▽
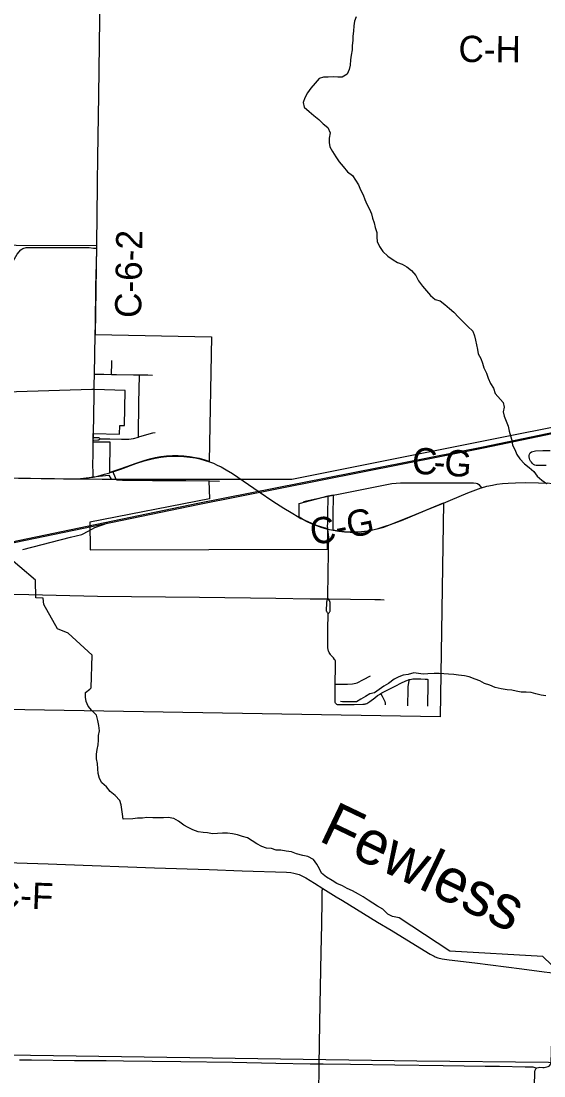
# Model space of a CAD drawing. Extents: x -21.7 to 34, y 0 to 22.
# Drawn here: x 27.989 to 29.12, y 16.19 to 18.47 of the extents above; entities that cross this region are included whole.
import ezdxf

# ---------------------------------------------------------------- set-up
doc = ezdxf.new("R2010")
doc.units = 0
for name, color, linetype in [('GM_X_City_Street', 7, 'Continuous'), ('GM_X_Corporation', 7, 'Continuous'), ('GM_X_County_Road', 7, 'Continuous'), ('GM_X_County_Road_Text', 7, 'Continuous'), ('GM_X_Minor_River', 7, 'Continuous'), ('GM_X_Minor_River_Text', 7, 'Continuous'), ('GM_X_Rail_Line', 7, 'Continuous'), ('GM_X_State_Route', 7, 'Continuous'), ('GM_X_Township_Road', 7, 'Continuous'), ('GM_X_US_Route', 7, 'Continuous')]:
    doc.layers.add(name, color=color, linetype=linetype)

msp = doc.modelspace()

# ---------------------------------------------------------------- linework, layer by layer
at = {"layer": 'GM_X_City_Street'}
for points in [[(27.9411, 17.8971), (27.9473, 17.9079), (27.953, 17.9174), (27.9576, 17.9263), (27.9598, 17.9314), (27.9695, 17.9456), (27.9806, 17.9661), (27.9887, 17.9752), (27.9933, 17.9786), (28.0007, 17.9802), (28.0207, 17.9807), (28.0889, 17.9806), (28.1363, 17.9803), (28.146, 17.9794), (28.1529, 17.9789)], [(28.1853, 17.7061), (28.1853, 17.7112), (28.1856, 17.7263), (28.1856, 17.7361)], [(28.1482, 17.7067), (28.1539, 17.7066), (28.1681, 17.7064), (28.1853, 17.7061), (28.1955, 17.706), (28.2327, 17.7055), (28.2453, 17.7053), (28.2638, 17.7051), (28.2737, 17.7047)], [(28.2432, 17.5708), (28.2432, 17.5788), (28.2434, 17.6012), (28.2438, 17.618), (28.2442, 17.641), (28.245, 17.6778), (28.2453, 17.7002), (28.2453, 17.7053)], [(28.1607, 17.5671), (28.1678, 17.5668), (28.1816, 17.5666), (28.2065, 17.5661), (28.2165, 17.566), (28.2227, 17.5663), (28.2277, 17.5669), (28.2325, 17.5679), (28.2432, 17.5708), (28.2439, 17.571), (28.2666, 17.5779), (28.2744, 17.5798), (28.2793, 17.5809)], [(28.1456, 17.5644), (28.1471, 17.5644), (28.1555, 17.5645), (28.1562, 17.5646), (28.1569, 17.5648), (28.1576, 17.565), (28.1582, 17.5653), (28.1588, 17.5657), (28.1595, 17.5662), (28.1607, 17.5671)], [(28.1457, 17.5699), (28.1468, 17.5699), (28.1553, 17.5699), (28.1561, 17.5699), (28.1569, 17.5697), (28.1581, 17.5692), (28.1591, 17.5685), (28.1607, 17.5671)], [(28.6532, 17.2209), (28.6527, 17.2286), (28.6527, 17.2314), (28.6535, 17.2702), (28.6545, 17.328), (28.655, 17.3541), (28.6531, 17.3717), (28.6525, 17.3798), (28.6527, 17.3829), (28.653, 17.3952), (28.653, 17.4106), (28.6535, 17.4352), (28.6537, 17.4431)], [(27.9298, 17.232), (27.953, 17.2314), (28.0059, 17.2302), (28.0649, 17.2289), (28.1548, 17.2271), (28.3755, 17.2243), (28.5402, 17.2222), (28.6147, 17.2209), (28.6427, 17.2209), (28.6532, 17.2209), (28.6551, 17.2208), (28.7017, 17.22), (28.7546, 17.2196), (28.7669, 17.2193), (28.7746, 17.2189)], [(28.6539, 17.1886), (28.6529, 17.19), (28.6523, 17.1908), (28.6515, 17.192), (28.6509, 17.1933), (28.6503, 17.1954), (28.6502, 17.1961), (28.6501, 17.1981), (28.6505, 17.2104), (28.6506, 17.213), (28.6507, 17.2141), (28.6509, 17.2149), (28.6513, 17.2168), (28.6517, 17.2183), (28.6532, 17.2209)], [(28.6539, 17.1886), (28.6551, 17.1899), (28.6561, 17.1912), (28.6567, 17.1921), (28.6575, 17.1935), (28.6577, 17.1941), (28.6579, 17.1949), (28.658, 17.1956), (28.6581, 17.1963), (28.6582, 17.1978), (28.6583, 17.209), (28.658, 17.2122), (28.6578, 17.2136), (28.6576, 17.2146), (28.6572, 17.2157), (28.6566, 17.2167), (28.6563, 17.2173), (28.6554, 17.2185), (28.6548, 17.2193), (28.6532, 17.2209)], [(28.6716, 16.9935), (28.6705, 16.9945), (28.6698, 16.9952), (28.6695, 16.9958), (28.6691, 16.9967), (28.6688, 16.9979), (28.6687, 16.9991), (28.6687, 17.0024), (28.6689, 17.0173), (28.6691, 17.033), (28.6691, 17.0364), (28.6697, 17.0763), (28.6695, 17.084), (28.6692, 17.0865), (28.6686, 17.0882), (28.6677, 17.0899), (28.6649, 17.0932), (28.6596, 17.0993), (28.6586, 17.1007), (28.6558, 17.1051), (28.655, 17.1067), (28.6543, 17.1085), (28.6539, 17.1102), (28.6535, 17.112), (28.6532, 17.1139), (28.6531, 17.1155), (28.6529, 17.1183), (28.6529, 17.1388), (28.6532, 17.155), (28.6539, 17.1886)], [(28.6691, 17.0364), (28.6785, 17.0366), (28.6953, 17.0368), (28.7065, 17.0372), (28.7102, 17.0377), (28.7132, 17.0384), (28.7167, 17.0398), (28.73, 17.0466), (28.7453, 17.0549)], [(28.6716, 16.9935), (28.673, 16.9928), (28.6738, 16.9925), (28.6749, 16.9923), (28.6769, 16.9923), (28.6797, 16.9923), (28.7096, 16.9929), (28.7288, 16.9933), (28.7308, 16.9934), (28.7326, 16.9936), (28.7339, 16.9939), (28.735, 16.9942), (28.7373, 16.9951), (28.7395, 16.9962), (28.7436, 16.999), (28.7545, 17.0073), (28.7605, 17.0118), (28.7631, 17.0135), (28.7647, 17.0145), (28.7658, 17.0152), (28.7679, 17.0165), (28.7699, 17.0177), (28.7888, 17.0273), (28.7999, 17.033), (28.8109, 17.0387), (28.8216, 17.0436), (28.8241, 17.0446), (28.8274, 17.0459), (28.8291, 17.0464), (28.831, 17.0469), (28.8338, 17.0475), (28.8365, 17.0479), (28.8415, 17.0483), (28.8471, 17.0482), (28.8545, 17.0479), (28.8638, 17.0476), (28.8653, 17.0475), (28.8668, 17.0474), (28.8678, 17.0472), (28.8687, 17.0469), (28.8692, 17.0465)], [(28.826, 16.9899), (28.826, 16.9943), (28.8264, 17.0212), (28.8264, 17.0237), (28.8266, 17.0311), (28.8272, 17.036), (28.8286, 17.0436), (28.8291, 17.0464)], [(28.8695, 16.9891), (28.8694, 17.0058), (28.8698, 17.0225), (28.87, 17.0325), (28.87, 17.0398), (28.87, 17.0423), (28.8699, 17.0436), (28.8698, 17.0451), (28.8697, 17.0458), (28.8692, 17.0465)], [(28.778, 16.9922), (28.778, 16.9934), (28.7779, 16.9946), (28.7778, 16.9956), (28.7777, 16.9963), (28.7772, 16.9975), (28.7769, 16.9981), (28.7714, 17.0098), (28.7679, 17.0165)]]:
    msp.add_lwpolyline(points, dxfattribs=at)
at = {"layer": 'GM_X_Corporation'}
for points in [[(27.804, 17.9866), (28.1528, 17.9852), (28.1494, 17.7925), (28.4011, 17.7877), (28.3966, 17.5178), (28.3964, 17.5179), (28.3875, 17.5209), (28.3754, 17.5241), (28.3663, 17.5261), (28.354, 17.5281), (28.3415, 17.5295), (28.3291, 17.5302), (28.3166, 17.5302), (28.3041, 17.5295), (28.2917, 17.5281), (28.2794, 17.5259), (28.2672, 17.5231), (28.2552, 17.5197), (28.2375, 17.5139), (28.2052, 17.5023), (28.1817, 17.4943), (28.1822, 17.5594), (28.1452, 17.5598), (28.1456, 17.5782), (28.202, 17.5768), (28.2027, 17.596), (28.2129, 17.5957), (28.2148, 17.6716), (28.1474, 17.6736), (28.1422, 17.6735), (27.8857, 17.666)], [(27.8922, 17.4841), (28.0809, 17.4806), (28.1026, 17.4807), (28.1181, 17.4814), (28.1305, 17.4825), (28.137, 17.4834), (28.1448, 17.4848), (28.1791, 17.4886), (28.184, 17.4798), (28.1942, 17.4801), (28.1958, 17.4792), (28.1973, 17.4789), (28.2464, 17.478), (28.3956, 17.4762), (28.3969, 17.437), (28.138, 17.3869), (28.1385, 17.3273), (28.6519, 17.3285), (28.6528, 17.3723), (28.64, 17.3759), (28.6283, 17.3799), (28.6168, 17.3845), (28.6055, 17.3897), (28.5981, 17.3936), (28.5946, 17.3955), (28.5907, 17.3977), (28.5908, 17.4273), (28.6535, 17.4436), (28.6645, 17.4458), (28.6643, 17.4353), (28.6638, 17.4107), (28.6638, 17.3953), (28.6635, 17.3699), (28.6762, 17.3678), (28.6886, 17.3665), (28.7009, 17.3659), (28.7133, 17.3659), (28.7257, 17.3667), (28.738, 17.3682), (28.7391, 17.3684), (28.7501, 17.3705), (28.7617, 17.3733), (28.7791, 17.3786), (28.7887, 17.3819), (28.8118, 17.3911), (28.8351, 17.4006), (28.9029, 17.4288), (28.8958, 16.966), (27.9107, 16.9822)]]:
    msp.add_lwpolyline(points, dxfattribs=at)
at = {"layer": 'GM_X_County_Road'}
for p, q in [((28.1478, 17.6826), (28.1482, 17.7067)), ((28.1476, 17.6739), (28.1478, 17.6826)), ((28.1455, 17.5592), (28.1456, 17.5644)), ((28.3972, 17.4759), (28.4186, 17.4757)), ((28.6003, 17.4317), (28.6537, 17.4431))]:
    msp.add_line(p, q, dxfattribs=at)
for points in [[(28.153, 17.9846), (28.1531, 17.9926), (28.1537, 18.0454), (28.155, 18.1199), (28.1556, 18.1758), (28.1574, 18.3094), (28.1597, 18.474), (28.1596, 18.4872)], [(28.1496, 17.793), (28.15, 17.8125), (28.1514, 17.8964), (28.1524, 17.9461), (28.1529, 17.9777), (28.1529, 17.9789), (28.153, 17.9846)], [(28.1482, 17.7067), (28.1496, 17.792), (28.1496, 17.793)], [(28.1458, 17.5767), (28.1458, 17.5776), (28.1474, 17.6604), (28.1476, 17.6729), (28.1476, 17.6739)], [(28.1451, 17.4842), (28.145, 17.4927), (28.1447, 17.5113), (28.145, 17.5331), (28.1455, 17.5592)], [(28.1456, 17.5644), (28.1457, 17.5699), (28.1458, 17.5767)], [(28.188, 17.4959), (28.1929, 17.483), (28.1935, 17.4815), (28.194, 17.4803), (28.1944, 17.4795)], [(28.1944, 17.4795), (28.1952, 17.4789), (28.1963, 17.4785), (28.1976, 17.4783), (28.2042, 17.478), (28.2084, 17.4778), (28.2737, 17.4772), (28.3972, 17.4759)], [(28.6537, 17.4431), (28.6648, 17.4453), (28.676, 17.4475), (28.7732, 17.4669), (28.7915, 17.4701), (28.8006, 17.4712), (28.8099, 17.4716), (28.8471, 17.4716), (28.9091, 17.4715), (28.9525, 17.4716), (28.9679, 17.4715), (28.974, 17.4709), (28.9769, 17.4702), (28.9797, 17.468), (28.9827, 17.4644), (28.9856, 17.4609)], [(27.8411, 16.6564), (27.8559, 16.6551), (27.862, 16.6544), (27.8775, 16.6536), (27.9799, 16.6504), (28.0482, 16.6479), (28.0855, 16.6464), (28.2779, 16.6398), (28.3959, 16.636), (28.4673, 16.6333), (28.5636, 16.63), (28.5729, 16.6293), (28.5791, 16.6283), (28.5852, 16.6268), (28.5912, 16.6248), (28.5969, 16.6222), (28.6052, 16.6177), (28.6238, 16.6065), (28.6423, 16.595)], [(28.6423, 16.595), (28.6713, 16.577), (28.6846, 16.5692), (28.7606, 16.5222), (28.7897, 16.5045), (28.8613, 16.4608), (28.8745, 16.4528), (28.8827, 16.4484), (28.8855, 16.4472), (28.8913, 16.4453), (28.9002, 16.4431), (28.9155, 16.4406), (28.9711, 16.4342), (29.0725, 16.421), (29.1213, 16.415), (29.1335, 16.4133), (29.1397, 16.4122), (29.1413, 16.4117)], [(29.1044, 16.2067), (29.1054, 16.2075), (29.1087, 16.2082), (29.1119, 16.2083), (29.1182, 16.208), (29.1212, 16.2081), (29.1242, 16.2084), (29.1271, 16.2091), (29.1298, 16.2102), (29.1322, 16.2118), (29.1341, 16.214), (29.1353, 16.2165), (29.136, 16.2193), (29.1364, 16.2223), (29.1368, 16.2378), (29.1376, 16.272), (29.1392, 16.3497), (29.14, 16.3808), (29.1413, 16.4117)], [(29.0896, 15.7041), (29.0923, 15.775), (29.0934, 15.8153), (29.0948, 15.8432), (29.0949, 15.8534), (29.0953, 15.8687), (29.0957, 15.8839), (29.0966, 15.9068), (29.097, 15.9317), (29.0975, 15.9781), (29.0981, 16.0154), (29.099, 16.0683), (29.0997, 16.1398), (29.0999, 16.1678), (29.1009, 16.1989), (29.1013, 16.2021), (29.1026, 16.2053), (29.1044, 16.2067)]]:
    msp.add_lwpolyline(points, dxfattribs=at)
at = {"layer": 'GM_X_Minor_River'}
for points in [[(28.7142, 18.4795), (28.7105, 18.4697), (28.7092, 18.4595), (28.7086, 18.4481), (28.7069, 18.4372)], [(28.7069, 18.4372), (28.707, 18.4277), (28.7053, 18.4174), (28.7055, 18.4079), (28.7038, 18.3966), (28.702, 18.386), (28.7014, 18.375), (28.6993, 18.3652), (28.695, 18.3554), (28.6842, 18.3488), (28.6744, 18.3486), (28.6642, 18.3492), (28.6539, 18.349), (28.6437, 18.3484), (28.6342, 18.3456), (28.6256, 18.3359), (28.6159, 18.3251), (28.6093, 18.3146), (28.6034, 18.3041), (28.5994, 18.2943), (28.6018, 18.2836), (28.6127, 18.2746), (28.6227, 18.2657), (28.6335, 18.2571), (28.6432, 18.2482), (28.6532, 18.2396), (28.6579, 18.2285), (28.6558, 18.2172), (28.6556, 18.2077), (28.6573, 18.1982), (28.6628, 18.1882), (28.6705, 18.1763), (28.6775, 18.1655), (28.686, 18.1555), (28.6953, 18.1439), (28.7065, 18.1361), (28.7131, 18.126), (28.7193, 18.1161), (28.724, 18.1053), (28.7295, 18.0946), (28.7331, 18.0846), (28.737, 18.0743), (28.7429, 18.0636), (28.7472, 18.0536), (28.7497, 18.0441), (28.7529, 18.0341), (28.7554, 18.0238), (28.7589, 18.0131), (28.7587, 18.0029), (28.7597, 17.9934), (28.7651, 17.983), (28.7717, 17.9722), (28.7825, 17.9621), (28.7941, 17.9536), (28.8038, 17.9484), (28.814, 17.9444), (28.8237, 17.9389), (28.8342, 17.9307), (28.8431, 17.9199), (28.8493, 17.9088), (28.8577, 17.8972), (28.8663, 17.8872), (28.8748, 17.8767), (28.8852, 17.8682), (28.8957, 17.8649), (28.9058, 17.8575), (28.9159, 17.8486), (28.9259, 17.8404), (28.936, 17.83), (28.9449, 17.8203), (28.956, 17.8094), (28.9664, 17.7997), (28.97, 17.7898), (28.9725, 17.7799), (28.9766, 17.76), (28.9779, 17.7505), (28.9838, 17.7409), (28.9878, 17.7306), (28.9906, 17.7203), (28.996, 17.7091), (29, 17.6984), (29.0051, 17.6862), (29.0113, 17.6762), (29.0152, 17.6647), (29.0323, 17.6454), (29.0343, 17.6355), (29.0323, 17.6256), (29.0343, 17.6157), (29.043, 17.5943), (29.045, 17.5836), (29.0483, 17.5737), (29.0507, 17.5638), (29.0528, 17.5535), (29.0575, 17.5439), (29.0622, 17.5331), (29.0685, 17.5235), (29.0785, 17.5127), (29.0886, 17.5053), (29.0986, 17.4963), (29.106, 17.4859), (29.116, 17.4774)], [(29.116, 17.4774), (29.1258, 17.4707), (29.1284, 17.4718)], [(28.141, 17.0285), (28.1432, 17.0995), (28.0915, 17.1468), (28.0682, 17.1564), (28.0389, 17.209), (28.0373, 17.2227), (28.021, 17.2234), (28.0203, 17.2614), (27.9528, 17.3193), (27.9311, 17.4063)], [(29.1246, 17.0117), (29.1147, 17.0131), (29.103, 17.0156), (29.0929, 17.0184), (29.0823, 17.0194), (29.0709, 17.0196), (29.0607, 17.0218), (29.0509, 17.0235), (29.0407, 17.0241), (29.0282, 17.0266), (29.015, 17.0295), (29.0034, 17.0343), (28.9917, 17.0383), (28.982, 17.0435), (28.9718, 17.0475), (28.9587, 17.0523), (28.9489, 17.0544), (28.936, 17.0562), (28.9258, 17.0575), (28.9141, 17.0581), (28.9039, 17.0591), (28.8936, 17.0593), (28.8827, 17.0599), (28.8694, 17.059), (28.8592, 17.0585), (28.8489, 17.0594), (28.8391, 17.0611), (28.8269, 17.0572), (28.8163, 17.0559), (28.8064, 17.0527), (28.7968, 17.0476), (28.7841, 17.0383), (28.7742, 17.0325), (28.7642, 17.0251), (28.7538, 17.0177), (28.7439, 17.0156), (28.7343, 17.0101), (28.7247, 17.0038), (28.7151, 16.9987), (28.7057, 16.9981), (28.6954, 16.9984), (28.6845, 16.9986), (28.6807, 16.999)], [(28.7927, 16.5343), (28.7829, 16.5395), (28.7718, 16.5499), (28.7605, 16.5566), (28.7505, 16.5633), (28.7403, 16.5696), (28.7291, 16.5766), (28.7194, 16.5825), (28.7063, 16.5896), (28.6946, 16.5952), (28.6849, 16.6003), (28.6721, 16.6059), (28.6624, 16.6121), (28.6504, 16.6192), (28.6396, 16.6278), (28.6352, 16.6374), (28.6294, 16.6474), (28.622, 16.6574), (28.61, 16.6644), (28.5987, 16.6662), (28.5855, 16.6699), (28.5746, 16.6739), (28.5625, 16.6757), (28.5516, 16.6774), (28.5413, 16.678), (28.5308, 16.6816), (28.5202, 16.6818), (28.51, 16.6858), (28.4992, 16.6917), (28.4895, 16.698), (28.479, 16.7043), (28.4684, 16.7072), (28.4575, 16.7112), (28.4466, 16.7133), (28.436, 16.7146), (28.4254, 16.7145), (28.4144, 16.7136), (28.4034, 16.7134), (28.3928, 16.7151), (28.383, 16.7157), (28.3728, 16.7174), (28.3611, 16.7215), (28.351, 16.7266), (28.3412, 16.7321), (28.3297, 16.7407), (28.3199, 16.7462), (28.3079, 16.7487), (28.2976, 16.7478), (28.2859, 16.7473), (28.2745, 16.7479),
△
*What is needed*
For the lines above, output exactly those from the line containing "for p, q in" through the line containing "msp.add_line(p, q, dxfattribs=at)", and skip the others.

*Task result*
for p, q in [((28.1478, 17.6826), (28.1482, 17.7067)), ((28.1476, 17.6739), (28.1478, 17.6826)), ((28.1455, 17.5592), (28.1456, 17.5644)), ((28.3972, 17.4759), (28.4186, 17.4757)), ((28.6003, 17.4317), (28.6537, 17.4431))]:
    msp.add_line(p, q, dxfattribs=at)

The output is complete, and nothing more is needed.